WHAT THIS TASK INVOLVES:
Every record below is to be retyped exactly, with any pictures left out.

┌─ PROVIDED DATA

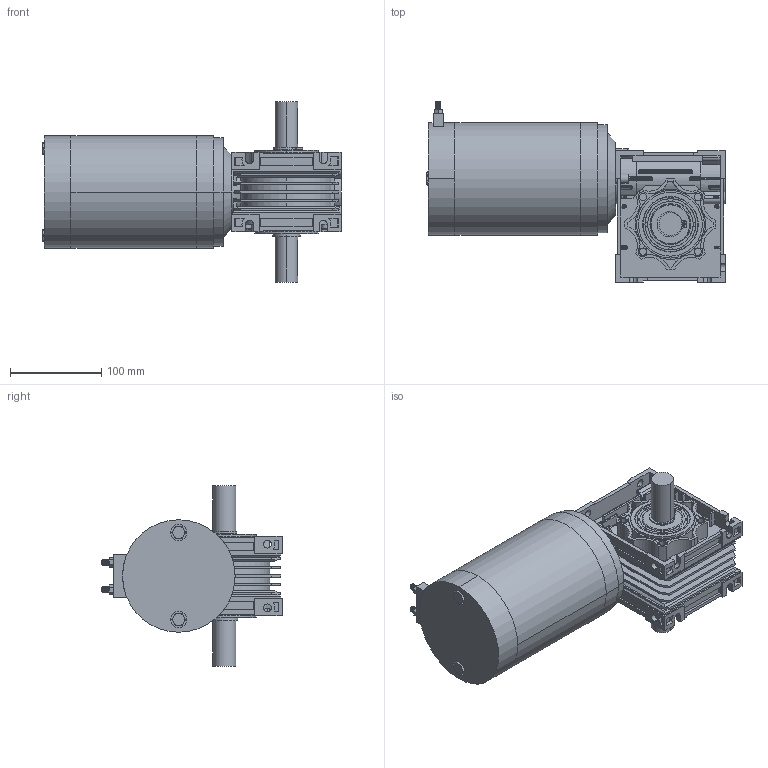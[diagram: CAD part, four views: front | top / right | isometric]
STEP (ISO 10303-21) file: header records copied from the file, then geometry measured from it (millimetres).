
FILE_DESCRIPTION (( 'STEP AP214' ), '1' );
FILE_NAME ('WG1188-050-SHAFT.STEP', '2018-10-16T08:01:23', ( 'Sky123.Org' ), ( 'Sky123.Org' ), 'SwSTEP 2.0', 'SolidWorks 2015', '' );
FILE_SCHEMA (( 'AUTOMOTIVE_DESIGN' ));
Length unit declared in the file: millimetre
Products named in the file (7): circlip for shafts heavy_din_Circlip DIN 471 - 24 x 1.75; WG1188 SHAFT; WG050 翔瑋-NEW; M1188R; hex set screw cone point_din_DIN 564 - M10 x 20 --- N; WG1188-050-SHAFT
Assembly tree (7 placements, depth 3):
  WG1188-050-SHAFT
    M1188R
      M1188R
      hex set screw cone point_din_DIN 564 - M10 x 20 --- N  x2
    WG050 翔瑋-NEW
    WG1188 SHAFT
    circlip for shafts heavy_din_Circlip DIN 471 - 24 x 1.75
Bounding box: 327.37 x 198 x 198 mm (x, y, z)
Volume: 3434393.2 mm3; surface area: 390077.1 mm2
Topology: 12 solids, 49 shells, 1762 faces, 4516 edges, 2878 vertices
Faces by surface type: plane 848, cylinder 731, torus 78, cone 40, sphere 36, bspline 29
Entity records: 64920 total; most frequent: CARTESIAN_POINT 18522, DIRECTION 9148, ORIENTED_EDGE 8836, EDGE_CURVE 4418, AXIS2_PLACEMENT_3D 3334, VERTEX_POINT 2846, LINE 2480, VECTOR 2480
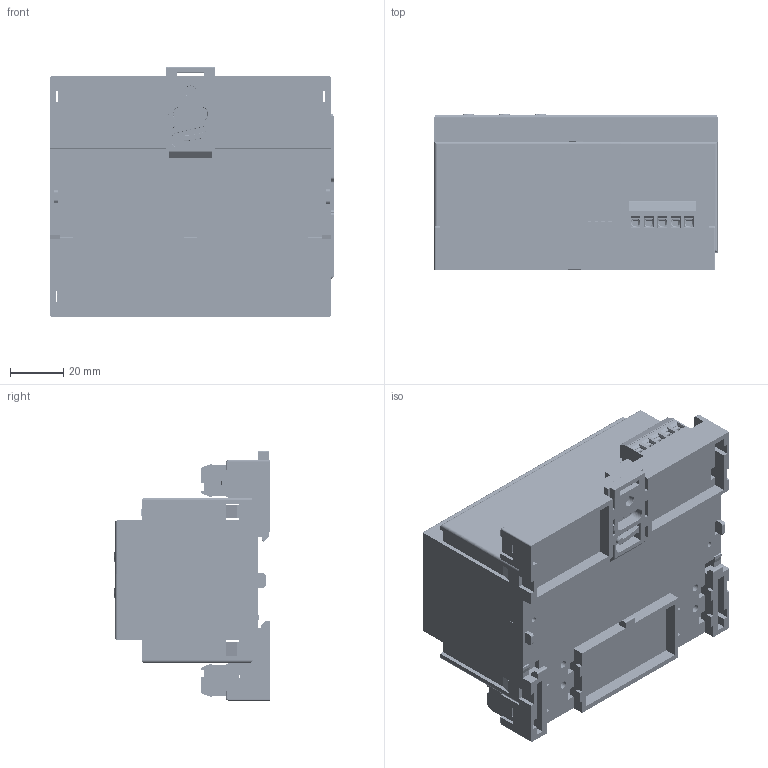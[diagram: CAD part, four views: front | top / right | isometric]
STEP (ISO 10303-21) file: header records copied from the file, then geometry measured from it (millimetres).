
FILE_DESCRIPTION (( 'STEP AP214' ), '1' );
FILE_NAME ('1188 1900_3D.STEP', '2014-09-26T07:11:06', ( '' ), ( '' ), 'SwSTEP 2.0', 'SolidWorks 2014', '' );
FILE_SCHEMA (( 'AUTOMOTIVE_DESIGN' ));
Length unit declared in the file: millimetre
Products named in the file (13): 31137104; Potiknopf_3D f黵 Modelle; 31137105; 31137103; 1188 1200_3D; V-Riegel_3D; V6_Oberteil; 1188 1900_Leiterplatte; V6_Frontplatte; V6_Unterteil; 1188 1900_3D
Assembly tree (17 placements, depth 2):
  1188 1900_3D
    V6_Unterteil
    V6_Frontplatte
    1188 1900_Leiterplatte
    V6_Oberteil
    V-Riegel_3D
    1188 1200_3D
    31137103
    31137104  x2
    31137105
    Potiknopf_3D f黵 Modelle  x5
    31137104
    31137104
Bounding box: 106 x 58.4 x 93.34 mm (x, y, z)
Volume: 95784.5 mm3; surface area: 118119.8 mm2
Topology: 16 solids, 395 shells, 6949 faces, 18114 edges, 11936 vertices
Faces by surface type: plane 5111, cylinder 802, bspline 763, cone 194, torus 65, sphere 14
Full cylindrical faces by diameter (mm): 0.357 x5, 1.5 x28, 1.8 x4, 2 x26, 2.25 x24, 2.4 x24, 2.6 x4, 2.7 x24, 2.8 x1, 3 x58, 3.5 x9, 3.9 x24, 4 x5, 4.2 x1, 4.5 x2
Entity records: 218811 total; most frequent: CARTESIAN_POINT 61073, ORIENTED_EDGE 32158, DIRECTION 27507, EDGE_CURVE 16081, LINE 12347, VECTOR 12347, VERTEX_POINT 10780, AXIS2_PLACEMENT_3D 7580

└─

ANSWER SECTION:
[diagram: CAD part, four views: front | top / right | isometric]
STEP (ISO 10303-21) file: header records copied from the file, then geometry measured from it (millimetres).
FILE_DESCRIPTION (( 'STEP AP214' ), '1' );
FILE_NAME ('WG1188-050-SHAFT.STEP', '2018-10-16T08:01:23', ( 'Sky123.Org' ), ( 'Sky123.Org' ), 'SwSTEP 2.0', 'SolidWorks 2015', '' );
FILE_SCHEMA (( 'AUTOMOTIVE_DESIGN' ));
Length unit declared in the file: millimetre
Products named in the file (7): circlip for shafts heavy_din_Circlip DIN 471 - 24 x 1.75; WG1188 SHAFT; WG050 翔瑋-NEW; M1188R; hex set screw cone point_din_DIN 564 - M10 x 20 --- N; WG1188-050-SHAFT
Assembly tree (7 placements, depth 3):
  WG1188-050-SHAFT
    M1188R
      M1188R
      hex set screw cone point_din_DIN 564 - M10 x 20 --- N  x2
    WG050 翔瑋-NEW
    WG1188 SHAFT
    circlip for shafts heavy_din_Circlip DIN 471 - 24 x 1.75
Bounding box: 327.37 x 198 x 198 mm (x, y, z)
Volume: 3434393.2 mm3; surface area: 390077.1 mm2
Topology: 12 solids, 49 shells, 1762 faces, 4516 edges, 2878 vertices
Faces by surface type: plane 848, cylinder 731, torus 78, cone 40, sphere 36, bspline 29
Entity records: 64920 total; most frequent: CARTESIAN_POINT 18522, DIRECTION 9148, ORIENTED_EDGE 8836, EDGE_CURVE 4418, AXIS2_PLACEMENT_3D 3334, VERTEX_POINT 2846, LINE 2480, VECTOR 2480
[diagram: CAD part, four views: front | top / right | isometric]
STEP (ISO 10303-21) file: header records copied from the file, then geometry measured from it (millimetres).
FILE_DESCRIPTION (( 'STEP AP214' ), '1' );
FILE_NAME ('1188 1900_3D.STEP', '2014-09-26T07:11:06', ( '' ), ( '' ), 'SwSTEP 2.0', 'SolidWorks 2014', '' );
FILE_SCHEMA (( 'AUTOMOTIVE_DESIGN' ));
Length unit declared in the file: millimetre
Products named in the file (13): 31137104; Potiknopf_3D f黵 Modelle; 31137105; 31137103; 1188 1200_3D; V-Riegel_3D; V6_Oberteil; 1188 1900_Leiterplatte; V6_Frontplatte; V6_Unterteil; 1188 1900_3D
Assembly tree (17 placements, depth 2):
  1188 1900_3D
    V6_Unterteil
    V6_Frontplatte
    1188 1900_Leiterplatte
    V6_Oberteil
    V-Riegel_3D
    1188 1200_3D
    31137103
    31137104  x2
    31137105
    Potiknopf_3D f黵 Modelle  x5
    31137104
    31137104
Bounding box: 106 x 58.4 x 93.34 mm (x, y, z)
Volume: 95784.5 mm3; surface area: 118119.8 mm2
Topology: 16 solids, 395 shells, 6949 faces, 18114 edges, 11936 vertices
Faces by surface type: plane 5111, cylinder 802, bspline 763, cone 194, torus 65, sphere 14
Full cylindrical faces by diameter (mm): 0.357 x5, 1.5 x28, 1.8 x4, 2 x26, 2.25 x24, 2.4 x24, 2.6 x4, 2.7 x24, 2.8 x1, 3 x58, 3.5 x9, 3.9 x24, 4 x5, 4.2 x1, 4.5 x2
Entity records: 218811 total; most frequent: CARTESIAN_POINT 61073, ORIENTED_EDGE 32158, DIRECTION 27507, EDGE_CURVE 16081, LINE 12347, VECTOR 12347, VERTEX_POINT 10780, AXIS2_PLACEMENT_3D 7580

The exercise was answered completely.